ゲーム自体もリブートであり、その映画化でもある。
複雑な経緯を経て、最初のトゥームレイダー映画以上にインディジョーンズっぽくなっているが、むしろ嬉しい。
最後の聖戦を彷彿とさせる親娘コンビも、新生ララ・クロフトに親近感を沸かせてくれる。
アリシア・ヴィキャンデルははまり役だ。
こう言っちゃあなんだが、色気が「ない」ところが鍛え抜かれたトレジャーハンターとして説得力があってとてもよい。
俺はおっぱい星人なので本来なら巨乳とアクションを兼ね備えた前作までのアンジーの方がストライクゾーンの筈なんだが、これはこれでよい。
ムチも鞭もどっちもいい。
節操がないw
いやいや、巫山戯てる訳じゃなく、アンジーだったら胸がつかえてこなせないシーンが2箇所もあるぞ。

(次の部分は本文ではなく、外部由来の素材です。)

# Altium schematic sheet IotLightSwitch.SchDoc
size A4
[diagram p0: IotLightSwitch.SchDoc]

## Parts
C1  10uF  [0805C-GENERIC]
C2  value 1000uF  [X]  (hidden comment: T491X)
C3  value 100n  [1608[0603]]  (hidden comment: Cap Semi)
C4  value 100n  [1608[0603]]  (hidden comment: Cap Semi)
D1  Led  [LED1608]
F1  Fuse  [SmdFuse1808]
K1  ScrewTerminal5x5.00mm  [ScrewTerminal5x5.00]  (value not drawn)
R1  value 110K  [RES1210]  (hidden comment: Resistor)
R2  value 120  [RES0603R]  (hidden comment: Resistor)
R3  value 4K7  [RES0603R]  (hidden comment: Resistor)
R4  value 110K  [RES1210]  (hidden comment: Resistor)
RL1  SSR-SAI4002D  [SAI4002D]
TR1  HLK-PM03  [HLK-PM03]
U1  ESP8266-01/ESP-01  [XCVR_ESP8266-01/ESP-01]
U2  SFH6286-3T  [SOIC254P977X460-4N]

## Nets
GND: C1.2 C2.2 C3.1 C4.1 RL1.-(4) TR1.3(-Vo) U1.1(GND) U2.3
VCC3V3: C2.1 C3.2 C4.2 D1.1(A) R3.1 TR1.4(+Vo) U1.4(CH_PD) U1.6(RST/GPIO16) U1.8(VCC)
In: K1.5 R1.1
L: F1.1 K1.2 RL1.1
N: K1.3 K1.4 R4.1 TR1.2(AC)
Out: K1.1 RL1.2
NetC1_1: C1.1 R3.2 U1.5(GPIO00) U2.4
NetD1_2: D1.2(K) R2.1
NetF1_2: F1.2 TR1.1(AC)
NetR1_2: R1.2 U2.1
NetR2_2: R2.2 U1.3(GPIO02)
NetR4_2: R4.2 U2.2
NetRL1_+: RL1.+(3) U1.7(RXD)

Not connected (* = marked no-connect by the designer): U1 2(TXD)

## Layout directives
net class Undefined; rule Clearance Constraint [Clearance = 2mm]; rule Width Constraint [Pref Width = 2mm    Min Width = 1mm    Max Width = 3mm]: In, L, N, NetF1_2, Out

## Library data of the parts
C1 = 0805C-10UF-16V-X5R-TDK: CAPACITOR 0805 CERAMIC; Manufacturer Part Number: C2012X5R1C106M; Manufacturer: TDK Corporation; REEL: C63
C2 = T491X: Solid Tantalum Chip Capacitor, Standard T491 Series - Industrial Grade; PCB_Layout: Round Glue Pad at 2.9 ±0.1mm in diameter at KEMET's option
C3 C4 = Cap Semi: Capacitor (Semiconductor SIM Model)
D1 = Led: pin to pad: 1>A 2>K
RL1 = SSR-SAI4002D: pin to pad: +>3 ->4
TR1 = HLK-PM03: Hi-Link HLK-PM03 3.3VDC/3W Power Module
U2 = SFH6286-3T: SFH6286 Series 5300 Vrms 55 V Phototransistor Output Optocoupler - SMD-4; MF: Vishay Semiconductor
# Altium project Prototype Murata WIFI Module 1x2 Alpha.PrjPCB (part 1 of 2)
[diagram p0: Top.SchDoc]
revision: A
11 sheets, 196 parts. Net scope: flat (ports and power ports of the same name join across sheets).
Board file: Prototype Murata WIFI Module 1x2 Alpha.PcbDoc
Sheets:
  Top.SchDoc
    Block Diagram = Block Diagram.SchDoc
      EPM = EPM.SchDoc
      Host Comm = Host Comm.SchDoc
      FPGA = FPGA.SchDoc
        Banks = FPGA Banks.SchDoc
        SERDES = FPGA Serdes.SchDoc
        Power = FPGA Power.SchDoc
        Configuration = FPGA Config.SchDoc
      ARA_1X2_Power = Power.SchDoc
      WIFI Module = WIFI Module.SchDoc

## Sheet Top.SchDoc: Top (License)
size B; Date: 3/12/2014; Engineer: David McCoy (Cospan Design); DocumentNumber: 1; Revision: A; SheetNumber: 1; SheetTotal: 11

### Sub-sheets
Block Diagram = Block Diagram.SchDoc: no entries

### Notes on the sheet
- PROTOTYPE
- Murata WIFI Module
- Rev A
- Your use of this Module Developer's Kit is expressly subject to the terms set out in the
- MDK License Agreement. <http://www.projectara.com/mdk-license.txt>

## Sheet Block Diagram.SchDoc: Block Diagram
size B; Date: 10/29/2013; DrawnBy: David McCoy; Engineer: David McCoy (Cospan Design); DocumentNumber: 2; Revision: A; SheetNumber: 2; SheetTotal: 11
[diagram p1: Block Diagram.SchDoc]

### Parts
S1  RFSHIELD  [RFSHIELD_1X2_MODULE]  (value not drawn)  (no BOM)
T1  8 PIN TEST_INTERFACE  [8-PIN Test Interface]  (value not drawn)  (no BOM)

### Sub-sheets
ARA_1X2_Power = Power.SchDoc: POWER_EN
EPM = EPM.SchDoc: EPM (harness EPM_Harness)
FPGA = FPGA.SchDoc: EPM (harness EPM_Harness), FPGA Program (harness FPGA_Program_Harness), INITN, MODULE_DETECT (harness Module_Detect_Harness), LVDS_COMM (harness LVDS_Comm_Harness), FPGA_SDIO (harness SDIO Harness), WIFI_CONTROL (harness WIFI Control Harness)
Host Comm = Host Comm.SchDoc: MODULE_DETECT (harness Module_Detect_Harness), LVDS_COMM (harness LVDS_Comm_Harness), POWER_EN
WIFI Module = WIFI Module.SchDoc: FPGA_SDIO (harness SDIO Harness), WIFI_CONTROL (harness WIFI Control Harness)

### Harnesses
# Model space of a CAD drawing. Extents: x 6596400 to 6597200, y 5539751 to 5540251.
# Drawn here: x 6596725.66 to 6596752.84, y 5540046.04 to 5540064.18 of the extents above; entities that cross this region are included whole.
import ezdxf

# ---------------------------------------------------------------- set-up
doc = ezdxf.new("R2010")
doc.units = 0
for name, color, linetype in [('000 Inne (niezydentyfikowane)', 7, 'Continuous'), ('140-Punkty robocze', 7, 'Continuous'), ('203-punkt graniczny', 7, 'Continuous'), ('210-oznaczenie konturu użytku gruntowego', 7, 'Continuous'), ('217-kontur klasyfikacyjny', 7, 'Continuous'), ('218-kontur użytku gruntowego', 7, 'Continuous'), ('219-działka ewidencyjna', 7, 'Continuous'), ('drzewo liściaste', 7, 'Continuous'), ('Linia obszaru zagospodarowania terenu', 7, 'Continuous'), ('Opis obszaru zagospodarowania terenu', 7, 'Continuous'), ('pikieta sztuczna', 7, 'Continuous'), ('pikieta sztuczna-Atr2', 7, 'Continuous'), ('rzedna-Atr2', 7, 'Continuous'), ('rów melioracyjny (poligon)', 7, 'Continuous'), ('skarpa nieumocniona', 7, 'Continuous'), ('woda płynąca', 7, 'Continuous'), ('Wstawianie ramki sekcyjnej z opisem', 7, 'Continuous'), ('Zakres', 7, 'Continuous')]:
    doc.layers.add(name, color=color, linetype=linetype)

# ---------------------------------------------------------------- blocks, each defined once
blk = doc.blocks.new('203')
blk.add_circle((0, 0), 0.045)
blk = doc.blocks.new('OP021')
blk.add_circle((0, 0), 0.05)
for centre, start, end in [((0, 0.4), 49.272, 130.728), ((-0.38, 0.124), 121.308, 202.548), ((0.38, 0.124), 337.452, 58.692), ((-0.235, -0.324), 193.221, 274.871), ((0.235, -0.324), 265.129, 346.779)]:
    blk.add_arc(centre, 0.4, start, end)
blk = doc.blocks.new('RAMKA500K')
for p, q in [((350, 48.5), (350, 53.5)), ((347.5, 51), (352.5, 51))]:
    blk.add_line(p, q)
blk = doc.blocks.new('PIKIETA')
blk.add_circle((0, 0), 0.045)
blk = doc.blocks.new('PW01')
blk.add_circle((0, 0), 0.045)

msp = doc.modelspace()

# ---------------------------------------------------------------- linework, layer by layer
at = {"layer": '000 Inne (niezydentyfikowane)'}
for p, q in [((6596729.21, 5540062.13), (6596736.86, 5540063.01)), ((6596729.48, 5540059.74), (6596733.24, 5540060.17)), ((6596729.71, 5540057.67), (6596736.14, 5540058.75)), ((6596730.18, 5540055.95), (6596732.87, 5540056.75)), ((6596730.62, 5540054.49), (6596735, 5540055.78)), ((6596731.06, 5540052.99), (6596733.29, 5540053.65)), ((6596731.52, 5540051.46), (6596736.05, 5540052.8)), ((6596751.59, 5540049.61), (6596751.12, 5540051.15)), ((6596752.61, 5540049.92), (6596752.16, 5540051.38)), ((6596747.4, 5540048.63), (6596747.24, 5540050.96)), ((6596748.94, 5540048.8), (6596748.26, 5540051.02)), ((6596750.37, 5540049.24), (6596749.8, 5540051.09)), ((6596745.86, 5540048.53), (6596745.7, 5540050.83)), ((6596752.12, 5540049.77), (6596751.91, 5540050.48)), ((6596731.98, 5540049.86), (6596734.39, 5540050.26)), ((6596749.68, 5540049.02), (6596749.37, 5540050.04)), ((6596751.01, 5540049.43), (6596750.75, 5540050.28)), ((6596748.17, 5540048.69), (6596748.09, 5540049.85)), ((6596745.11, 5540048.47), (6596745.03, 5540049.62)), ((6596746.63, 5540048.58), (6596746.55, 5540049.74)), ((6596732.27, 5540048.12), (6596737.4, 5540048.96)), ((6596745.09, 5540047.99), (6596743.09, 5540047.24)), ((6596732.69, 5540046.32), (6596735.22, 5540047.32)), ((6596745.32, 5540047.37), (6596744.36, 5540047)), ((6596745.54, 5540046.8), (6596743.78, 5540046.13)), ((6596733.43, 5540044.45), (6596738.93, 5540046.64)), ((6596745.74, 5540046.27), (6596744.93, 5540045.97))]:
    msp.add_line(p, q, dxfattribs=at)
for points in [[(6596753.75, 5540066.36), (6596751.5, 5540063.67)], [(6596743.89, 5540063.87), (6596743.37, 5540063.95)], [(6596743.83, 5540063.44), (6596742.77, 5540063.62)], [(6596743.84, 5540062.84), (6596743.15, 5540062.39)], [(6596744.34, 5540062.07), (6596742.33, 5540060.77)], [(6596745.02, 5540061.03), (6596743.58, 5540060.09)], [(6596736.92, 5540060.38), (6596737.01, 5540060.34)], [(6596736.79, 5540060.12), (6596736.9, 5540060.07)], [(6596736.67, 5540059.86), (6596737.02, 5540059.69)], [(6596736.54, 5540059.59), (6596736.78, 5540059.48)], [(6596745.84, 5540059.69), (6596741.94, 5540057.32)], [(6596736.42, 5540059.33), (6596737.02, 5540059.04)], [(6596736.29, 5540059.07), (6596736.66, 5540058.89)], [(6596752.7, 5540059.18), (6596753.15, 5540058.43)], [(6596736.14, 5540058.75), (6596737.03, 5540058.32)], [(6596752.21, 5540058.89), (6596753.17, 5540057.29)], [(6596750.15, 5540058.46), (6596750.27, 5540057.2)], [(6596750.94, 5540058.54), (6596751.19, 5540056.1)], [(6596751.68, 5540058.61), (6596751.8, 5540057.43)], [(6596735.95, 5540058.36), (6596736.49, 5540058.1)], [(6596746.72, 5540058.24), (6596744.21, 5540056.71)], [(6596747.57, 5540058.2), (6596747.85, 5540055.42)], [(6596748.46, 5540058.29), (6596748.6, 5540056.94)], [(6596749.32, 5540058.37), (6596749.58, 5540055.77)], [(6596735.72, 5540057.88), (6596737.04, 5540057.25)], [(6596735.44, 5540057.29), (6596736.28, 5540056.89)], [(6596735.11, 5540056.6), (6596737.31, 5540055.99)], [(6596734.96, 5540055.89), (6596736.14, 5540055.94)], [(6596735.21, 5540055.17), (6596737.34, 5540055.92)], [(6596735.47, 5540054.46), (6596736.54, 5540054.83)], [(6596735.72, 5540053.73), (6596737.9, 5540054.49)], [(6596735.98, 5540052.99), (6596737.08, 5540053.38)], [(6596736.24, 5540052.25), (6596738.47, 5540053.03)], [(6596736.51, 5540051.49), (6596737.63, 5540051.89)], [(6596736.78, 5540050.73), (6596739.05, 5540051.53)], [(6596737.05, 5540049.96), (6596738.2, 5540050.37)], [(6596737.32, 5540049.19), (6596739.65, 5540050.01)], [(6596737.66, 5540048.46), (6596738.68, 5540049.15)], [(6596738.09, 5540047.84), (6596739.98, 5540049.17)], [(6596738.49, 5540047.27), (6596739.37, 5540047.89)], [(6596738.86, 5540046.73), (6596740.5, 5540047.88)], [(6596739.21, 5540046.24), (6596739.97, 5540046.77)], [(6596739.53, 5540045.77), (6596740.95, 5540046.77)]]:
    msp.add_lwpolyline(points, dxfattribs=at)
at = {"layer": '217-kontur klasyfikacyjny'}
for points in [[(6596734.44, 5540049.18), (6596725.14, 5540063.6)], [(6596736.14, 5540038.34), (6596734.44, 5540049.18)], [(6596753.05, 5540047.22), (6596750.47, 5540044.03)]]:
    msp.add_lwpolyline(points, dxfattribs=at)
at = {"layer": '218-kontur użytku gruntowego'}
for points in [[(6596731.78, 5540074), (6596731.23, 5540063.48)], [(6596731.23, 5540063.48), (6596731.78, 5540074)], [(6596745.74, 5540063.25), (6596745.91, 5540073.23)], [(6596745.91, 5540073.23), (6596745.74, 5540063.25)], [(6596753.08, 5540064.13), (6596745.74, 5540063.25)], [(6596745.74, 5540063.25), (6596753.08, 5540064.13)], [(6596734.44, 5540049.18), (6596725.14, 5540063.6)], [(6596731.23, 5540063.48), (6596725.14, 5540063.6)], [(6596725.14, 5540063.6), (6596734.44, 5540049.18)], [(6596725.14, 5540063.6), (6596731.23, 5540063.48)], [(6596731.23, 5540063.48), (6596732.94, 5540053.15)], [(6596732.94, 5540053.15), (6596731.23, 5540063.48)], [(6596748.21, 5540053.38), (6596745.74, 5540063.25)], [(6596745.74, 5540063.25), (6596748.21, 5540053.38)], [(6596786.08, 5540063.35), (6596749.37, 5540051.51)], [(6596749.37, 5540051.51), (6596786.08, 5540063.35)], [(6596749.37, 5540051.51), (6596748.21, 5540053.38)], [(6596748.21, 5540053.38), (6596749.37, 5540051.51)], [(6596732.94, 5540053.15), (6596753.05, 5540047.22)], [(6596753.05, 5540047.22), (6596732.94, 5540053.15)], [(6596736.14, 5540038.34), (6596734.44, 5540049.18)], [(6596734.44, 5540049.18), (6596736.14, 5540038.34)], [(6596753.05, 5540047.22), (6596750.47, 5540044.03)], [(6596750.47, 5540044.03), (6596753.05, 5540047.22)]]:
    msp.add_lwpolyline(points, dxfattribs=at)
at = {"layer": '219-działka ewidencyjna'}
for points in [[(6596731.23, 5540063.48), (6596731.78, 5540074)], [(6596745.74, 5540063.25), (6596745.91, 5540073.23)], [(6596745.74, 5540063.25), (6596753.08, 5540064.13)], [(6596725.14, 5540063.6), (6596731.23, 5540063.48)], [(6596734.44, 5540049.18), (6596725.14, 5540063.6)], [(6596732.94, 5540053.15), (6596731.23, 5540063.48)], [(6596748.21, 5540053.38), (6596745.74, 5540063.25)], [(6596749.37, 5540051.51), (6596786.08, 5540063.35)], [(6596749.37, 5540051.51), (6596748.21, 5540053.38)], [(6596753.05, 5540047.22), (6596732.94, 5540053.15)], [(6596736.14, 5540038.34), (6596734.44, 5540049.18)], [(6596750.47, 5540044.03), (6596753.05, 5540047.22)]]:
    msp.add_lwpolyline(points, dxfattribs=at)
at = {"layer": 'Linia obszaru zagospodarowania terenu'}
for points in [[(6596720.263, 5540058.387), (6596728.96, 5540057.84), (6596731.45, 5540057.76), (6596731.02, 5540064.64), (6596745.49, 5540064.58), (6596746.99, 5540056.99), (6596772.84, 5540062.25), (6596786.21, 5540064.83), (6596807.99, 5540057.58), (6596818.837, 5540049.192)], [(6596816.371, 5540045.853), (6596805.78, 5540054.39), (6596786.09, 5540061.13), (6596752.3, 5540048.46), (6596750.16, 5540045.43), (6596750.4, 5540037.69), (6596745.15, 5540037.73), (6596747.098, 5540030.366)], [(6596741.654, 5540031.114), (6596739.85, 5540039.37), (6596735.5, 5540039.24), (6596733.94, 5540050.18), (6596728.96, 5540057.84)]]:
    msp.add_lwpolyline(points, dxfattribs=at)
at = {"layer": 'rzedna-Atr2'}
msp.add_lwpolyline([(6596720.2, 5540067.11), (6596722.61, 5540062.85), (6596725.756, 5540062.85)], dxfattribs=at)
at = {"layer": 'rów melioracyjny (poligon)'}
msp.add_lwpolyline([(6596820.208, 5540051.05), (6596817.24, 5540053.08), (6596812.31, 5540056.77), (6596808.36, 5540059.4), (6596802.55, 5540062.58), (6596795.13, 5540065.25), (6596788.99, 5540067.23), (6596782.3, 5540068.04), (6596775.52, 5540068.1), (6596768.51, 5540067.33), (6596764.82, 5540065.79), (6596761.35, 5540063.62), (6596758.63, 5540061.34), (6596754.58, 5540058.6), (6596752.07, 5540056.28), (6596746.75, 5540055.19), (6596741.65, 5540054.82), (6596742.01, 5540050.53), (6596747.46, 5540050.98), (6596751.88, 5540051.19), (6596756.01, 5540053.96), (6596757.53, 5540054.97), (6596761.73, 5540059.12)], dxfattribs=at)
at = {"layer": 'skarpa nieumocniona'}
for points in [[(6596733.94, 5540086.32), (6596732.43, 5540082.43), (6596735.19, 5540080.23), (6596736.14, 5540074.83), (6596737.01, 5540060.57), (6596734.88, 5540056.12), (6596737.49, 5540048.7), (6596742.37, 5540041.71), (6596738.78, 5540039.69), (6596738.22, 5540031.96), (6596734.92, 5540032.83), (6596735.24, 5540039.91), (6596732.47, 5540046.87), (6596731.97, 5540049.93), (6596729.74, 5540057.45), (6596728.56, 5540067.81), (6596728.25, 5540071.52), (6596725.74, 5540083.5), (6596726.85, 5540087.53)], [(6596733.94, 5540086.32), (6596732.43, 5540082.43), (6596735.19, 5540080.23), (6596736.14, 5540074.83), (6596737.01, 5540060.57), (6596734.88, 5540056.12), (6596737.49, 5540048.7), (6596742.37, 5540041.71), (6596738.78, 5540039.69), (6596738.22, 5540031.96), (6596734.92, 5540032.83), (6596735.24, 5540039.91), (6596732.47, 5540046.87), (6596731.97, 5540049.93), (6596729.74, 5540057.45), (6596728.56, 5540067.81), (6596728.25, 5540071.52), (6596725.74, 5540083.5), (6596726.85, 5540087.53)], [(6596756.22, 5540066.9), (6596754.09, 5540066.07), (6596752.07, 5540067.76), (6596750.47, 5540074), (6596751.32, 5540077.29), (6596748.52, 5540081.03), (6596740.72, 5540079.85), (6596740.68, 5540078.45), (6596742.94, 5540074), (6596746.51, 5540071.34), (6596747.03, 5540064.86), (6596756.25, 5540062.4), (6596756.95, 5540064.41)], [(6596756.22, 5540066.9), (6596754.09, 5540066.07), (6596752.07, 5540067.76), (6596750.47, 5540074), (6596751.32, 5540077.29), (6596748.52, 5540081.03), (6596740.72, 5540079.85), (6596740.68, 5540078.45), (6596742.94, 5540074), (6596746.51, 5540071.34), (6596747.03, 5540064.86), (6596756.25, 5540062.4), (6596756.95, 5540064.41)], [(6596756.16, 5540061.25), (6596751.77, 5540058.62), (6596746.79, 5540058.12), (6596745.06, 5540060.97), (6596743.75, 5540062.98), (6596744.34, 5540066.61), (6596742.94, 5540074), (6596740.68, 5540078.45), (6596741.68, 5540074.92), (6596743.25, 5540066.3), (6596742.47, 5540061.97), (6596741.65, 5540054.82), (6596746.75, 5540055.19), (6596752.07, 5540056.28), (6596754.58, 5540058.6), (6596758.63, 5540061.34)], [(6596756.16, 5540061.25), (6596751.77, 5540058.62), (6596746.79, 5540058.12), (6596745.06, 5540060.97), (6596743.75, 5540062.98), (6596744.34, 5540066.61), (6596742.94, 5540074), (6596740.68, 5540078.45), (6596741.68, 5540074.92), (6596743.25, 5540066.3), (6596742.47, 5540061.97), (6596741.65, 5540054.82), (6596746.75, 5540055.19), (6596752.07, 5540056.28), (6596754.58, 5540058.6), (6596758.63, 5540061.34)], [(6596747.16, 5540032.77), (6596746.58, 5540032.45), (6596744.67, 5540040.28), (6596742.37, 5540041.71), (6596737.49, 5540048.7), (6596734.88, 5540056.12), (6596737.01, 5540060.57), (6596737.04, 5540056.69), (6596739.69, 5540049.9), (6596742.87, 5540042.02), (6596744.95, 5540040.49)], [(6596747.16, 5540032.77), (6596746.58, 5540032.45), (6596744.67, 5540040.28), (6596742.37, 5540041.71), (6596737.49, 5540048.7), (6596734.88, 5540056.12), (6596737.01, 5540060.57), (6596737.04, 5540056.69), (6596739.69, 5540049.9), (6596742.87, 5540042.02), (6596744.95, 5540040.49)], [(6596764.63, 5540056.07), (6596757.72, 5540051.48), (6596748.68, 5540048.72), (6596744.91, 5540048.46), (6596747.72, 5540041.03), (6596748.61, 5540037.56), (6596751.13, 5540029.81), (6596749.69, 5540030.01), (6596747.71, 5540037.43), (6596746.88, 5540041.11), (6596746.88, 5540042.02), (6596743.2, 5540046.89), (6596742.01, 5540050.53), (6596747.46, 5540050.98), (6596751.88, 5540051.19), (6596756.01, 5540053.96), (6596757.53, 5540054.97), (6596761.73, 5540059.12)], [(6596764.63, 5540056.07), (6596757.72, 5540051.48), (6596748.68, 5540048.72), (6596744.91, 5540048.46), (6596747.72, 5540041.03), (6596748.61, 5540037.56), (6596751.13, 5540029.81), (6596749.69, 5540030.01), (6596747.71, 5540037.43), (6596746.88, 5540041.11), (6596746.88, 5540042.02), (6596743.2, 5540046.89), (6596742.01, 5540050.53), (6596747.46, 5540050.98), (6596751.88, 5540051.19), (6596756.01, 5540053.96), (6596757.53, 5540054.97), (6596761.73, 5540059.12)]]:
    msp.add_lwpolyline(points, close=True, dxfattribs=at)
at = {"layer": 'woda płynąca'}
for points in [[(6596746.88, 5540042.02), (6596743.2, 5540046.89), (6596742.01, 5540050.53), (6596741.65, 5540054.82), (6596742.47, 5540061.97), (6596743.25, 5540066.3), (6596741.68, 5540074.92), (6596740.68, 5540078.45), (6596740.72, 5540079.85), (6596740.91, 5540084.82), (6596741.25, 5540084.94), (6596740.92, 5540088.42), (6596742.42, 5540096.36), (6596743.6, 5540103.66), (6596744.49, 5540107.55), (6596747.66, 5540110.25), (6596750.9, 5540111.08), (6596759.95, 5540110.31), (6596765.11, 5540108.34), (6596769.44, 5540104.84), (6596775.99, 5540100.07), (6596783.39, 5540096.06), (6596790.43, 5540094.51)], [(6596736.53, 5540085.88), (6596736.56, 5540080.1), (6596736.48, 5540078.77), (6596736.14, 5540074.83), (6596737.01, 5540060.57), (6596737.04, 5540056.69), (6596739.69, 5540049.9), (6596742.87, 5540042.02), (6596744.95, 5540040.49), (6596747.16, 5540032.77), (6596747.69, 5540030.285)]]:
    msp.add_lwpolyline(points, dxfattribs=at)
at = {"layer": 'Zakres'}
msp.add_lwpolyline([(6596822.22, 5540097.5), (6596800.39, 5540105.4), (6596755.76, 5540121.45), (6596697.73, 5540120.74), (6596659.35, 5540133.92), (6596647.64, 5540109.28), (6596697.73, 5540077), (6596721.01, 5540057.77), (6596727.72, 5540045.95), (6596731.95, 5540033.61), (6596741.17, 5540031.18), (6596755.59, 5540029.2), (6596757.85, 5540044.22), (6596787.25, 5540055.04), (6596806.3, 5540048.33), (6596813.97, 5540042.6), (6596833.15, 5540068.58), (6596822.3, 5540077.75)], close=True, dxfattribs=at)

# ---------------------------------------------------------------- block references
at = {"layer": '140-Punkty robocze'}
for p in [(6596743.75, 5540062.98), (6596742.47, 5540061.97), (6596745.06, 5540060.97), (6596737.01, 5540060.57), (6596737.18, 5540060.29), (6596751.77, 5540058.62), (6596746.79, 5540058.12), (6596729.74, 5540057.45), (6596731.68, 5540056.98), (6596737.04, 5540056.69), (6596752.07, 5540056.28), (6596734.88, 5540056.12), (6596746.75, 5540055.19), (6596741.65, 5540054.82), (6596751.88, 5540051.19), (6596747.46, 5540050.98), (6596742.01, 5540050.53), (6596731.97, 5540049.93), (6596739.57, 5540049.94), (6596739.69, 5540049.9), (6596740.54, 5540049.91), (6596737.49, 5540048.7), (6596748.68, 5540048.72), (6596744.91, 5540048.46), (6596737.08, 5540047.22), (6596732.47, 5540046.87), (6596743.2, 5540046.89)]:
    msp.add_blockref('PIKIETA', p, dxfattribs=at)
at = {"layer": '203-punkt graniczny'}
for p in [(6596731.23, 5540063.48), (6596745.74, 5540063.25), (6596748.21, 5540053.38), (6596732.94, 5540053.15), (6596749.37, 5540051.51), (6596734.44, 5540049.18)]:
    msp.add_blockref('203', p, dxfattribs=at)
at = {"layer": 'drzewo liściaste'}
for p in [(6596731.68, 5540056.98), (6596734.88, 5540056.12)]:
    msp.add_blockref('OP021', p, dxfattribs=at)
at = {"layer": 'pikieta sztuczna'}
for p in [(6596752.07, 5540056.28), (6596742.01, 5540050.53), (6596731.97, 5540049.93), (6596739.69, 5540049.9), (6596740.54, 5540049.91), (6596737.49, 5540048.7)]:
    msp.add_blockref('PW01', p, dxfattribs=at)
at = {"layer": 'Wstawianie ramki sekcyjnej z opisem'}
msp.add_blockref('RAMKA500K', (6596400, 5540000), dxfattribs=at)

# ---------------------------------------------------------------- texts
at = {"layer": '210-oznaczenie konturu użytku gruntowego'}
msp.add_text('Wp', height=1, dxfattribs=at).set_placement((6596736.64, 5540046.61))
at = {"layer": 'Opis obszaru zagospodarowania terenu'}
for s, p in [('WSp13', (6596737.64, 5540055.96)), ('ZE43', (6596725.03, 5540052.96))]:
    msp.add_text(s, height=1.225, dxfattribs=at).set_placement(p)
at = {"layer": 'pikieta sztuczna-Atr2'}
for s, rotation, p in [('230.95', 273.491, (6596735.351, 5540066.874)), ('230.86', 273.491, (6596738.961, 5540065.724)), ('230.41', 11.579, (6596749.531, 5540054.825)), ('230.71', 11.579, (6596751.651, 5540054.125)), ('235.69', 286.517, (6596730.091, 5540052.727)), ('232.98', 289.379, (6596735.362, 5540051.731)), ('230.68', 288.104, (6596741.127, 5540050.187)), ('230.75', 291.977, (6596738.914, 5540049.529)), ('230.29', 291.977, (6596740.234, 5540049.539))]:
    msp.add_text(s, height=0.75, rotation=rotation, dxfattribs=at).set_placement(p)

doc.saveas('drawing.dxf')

続編は間違いなくあるだろうけど、スリムな体型を生かした新生ララならではのトラップ回避をこれからも見せてほしいと思ってる。
今回の盗掘現場の卑弥呼の墓も「ムー」レベルのトンデモだけど、和風インチキ感が素敵でなかなかそれっぽい。
リブートは成功と言っていいんじゃないかな。